"Choke" On Your High Hopes

In films, hardcore nudity, graphic depictions of sex, rape and blasphemy are still touchy subjects, what with the existence of the South and the Mid West. So it might be disappointing to hear that a great book, filled with nothing but sexual taboos and touchy subjects, was being made into a movie. After all, how could they possibly be faithful to the hardcore source material? Well, Clark Gregg, the writer and director of “Choke” managed to pull off a miracle.
The story of Choke is the story of a sad, empty man named Victor. As med-school dropout, he works as a historical re-enactor at a colonial village to pay for his crazy mother’s mental health facility bills. Well, at least partially. The other money he makes is from scamming people at restaurants, by pretending to choke on his food. When some customer saves him, that customer feels responsible for Victor’s life, to the point where they send him money, and he milks the savioristic feeling they get for all it’s worth.
The graphic sex comes from the fact that Victor, on top of everything else, is a sex addict. He cruises sex addicts anonymous meetings because it’s easy to score. As the book says, you put a bunch of people with the same problem in a room together, what do you expect?

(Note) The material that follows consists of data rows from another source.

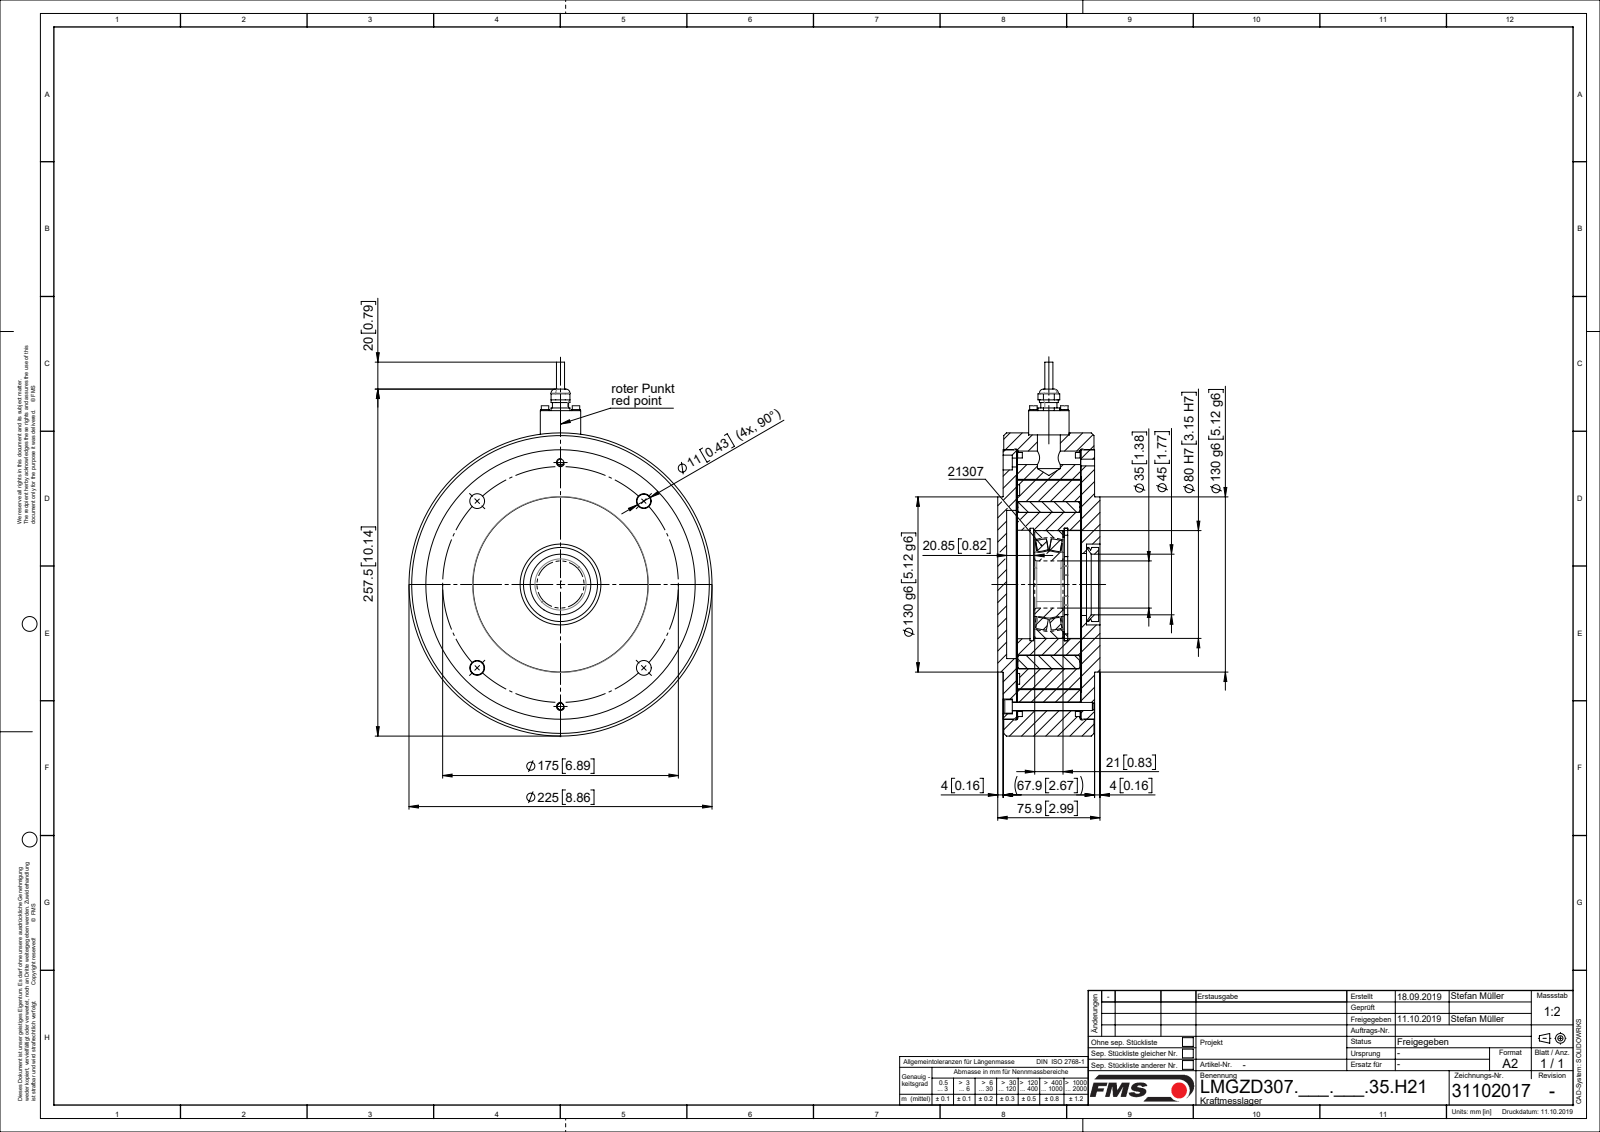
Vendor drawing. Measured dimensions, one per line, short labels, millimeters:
name: 43404.02_01; 49651-04_stp_01; Zyl-Schr DIN912_M6x60; 48072_01 (+8 more)
written by: SolidWorks 2018 (CONFIG_CONTROL_DESIGN)
unit: mm
bodies: 52 solids, 736 faces (218 planar, 263 cylindrical, 255 other)
size: 277.5 × 225 × 75.9
volume: 2 389 000 mm³; area: 444 973 mm²
holes: 6× ⌀11, 4× ⌀2.5, 4× ⌀3.1, 4× ⌀3.4, 2× ⌀3, 2× ⌀5, 2× ⌀6.6, 2× ⌀10, 2× ⌀10.2, 1× ⌀6, 1× ⌀8, 1× ⌀11.5
bosses: 4× ⌀6.2, 4× ⌀5.5, 4× ⌀3, 1× ⌀225, 1× ⌀199, 1× ⌀188, 1× ⌀140, 1× ⌀132
rounds: 4× R0.1, 4× R11, 2× R4.91, 1× R33.25, 1× R79, 1× R82, 1× R86
face distances: 47.25, 10.2, 10.45, 57.45, 57.7, 0.5, 0.75, 47.75, 48, 9.7
hole spacings: 16.26, 23, 62.02, 68.17, 87.5, 123.74, 134.45, 164.45

The book the film is based on is by Chuck Palahniuk, the esteemed author of Fight Club. He is a man with an army of rabidly loyal fans who worship his every word, so it’s with great caution that I say, Fight Club was a much better film than it was a movie. The screenwriter, Jim Uhls, was able to take a scatterbrained, messy book and turn it into a coherent, brilliant work of art, and change a terrible ending into an amazing one. Unfortunately, Clark Gregg wasn’t able to pull off such a feat.
While Gregg stayed incredibly close to the source material, which was excellent, the most interesting parts of the book have nothing to do with the plot, but rather long expanses of little-known facts of conspiracies, told more to the reader just for show than any sort of plot development. When you take those long, rambling, fascinating monologs out, your left with an okay plot, with little to no character development.

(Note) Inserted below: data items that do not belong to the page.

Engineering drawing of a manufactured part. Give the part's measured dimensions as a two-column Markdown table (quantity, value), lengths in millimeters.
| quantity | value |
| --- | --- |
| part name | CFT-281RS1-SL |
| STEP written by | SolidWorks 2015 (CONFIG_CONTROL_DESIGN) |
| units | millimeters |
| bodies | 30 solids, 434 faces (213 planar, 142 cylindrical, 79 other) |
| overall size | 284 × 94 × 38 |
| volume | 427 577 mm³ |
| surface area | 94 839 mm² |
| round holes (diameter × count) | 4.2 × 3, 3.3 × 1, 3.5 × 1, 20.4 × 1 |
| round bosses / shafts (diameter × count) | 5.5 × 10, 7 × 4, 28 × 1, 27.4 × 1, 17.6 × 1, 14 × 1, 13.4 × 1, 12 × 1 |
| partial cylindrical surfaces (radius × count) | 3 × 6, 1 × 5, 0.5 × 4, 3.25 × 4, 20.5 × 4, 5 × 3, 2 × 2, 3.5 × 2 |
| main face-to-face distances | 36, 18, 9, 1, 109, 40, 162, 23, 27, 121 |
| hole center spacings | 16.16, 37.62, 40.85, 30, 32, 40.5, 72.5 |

Nothing felt conclusive, but nothing felt intentionally ambiguous either. The whole movie, especially toward the end, felt like it just kept forgetting where it was going, and forgetting where it had been, leaving everything up in the air, but not in any sense that felt like it had been done on purpose.
Nothing bad can be said about the acting though. Sam Rockwell played Victor, and he was flat-out amazing. He captured the depravity and hopeless emptiness of Victor so well, it was hard to believe Rockwell isn’t a psychotic sex-addict with self-loathing tendencies (and who knows? Maybe he is.)
Angelica Huston plays his emotionally abusive, mentally deranged mother who slips in and out of lucidity, and she is really the only person who could match Rockwell’s immersive believability. While Kelly Macdonald, as Paige Marshall, Victor’s love interest, was very good, as was Brad William Henke, Victor’s best friend Denny, it was Rockwell and Huston who upstage everyone.
One other note a praise about the film is it’s very successful use of dark humor, and it was very, very funny in all of the places where no other film could have been, but it was also unrelenting and unapologetic in it’s portrayal of the sex and the sexual culture and experiences. Needless to say, this isn’t a movie for kids, unless you have a really screwed up kind of family. Then, feel free.
While the movie may have not pulled off what made the book great, and may not have the impact of Fight Club (but hey, what does?) it was still an entertaining film. Adding to the mix was the almost-nonexistent budget of $3.4 million and a freakishly short 25-day shooting schedule, and it’s amazing the movie came out as well as it did. If your looking for a few good laughs and some attractive naked people, I would say this film is a win.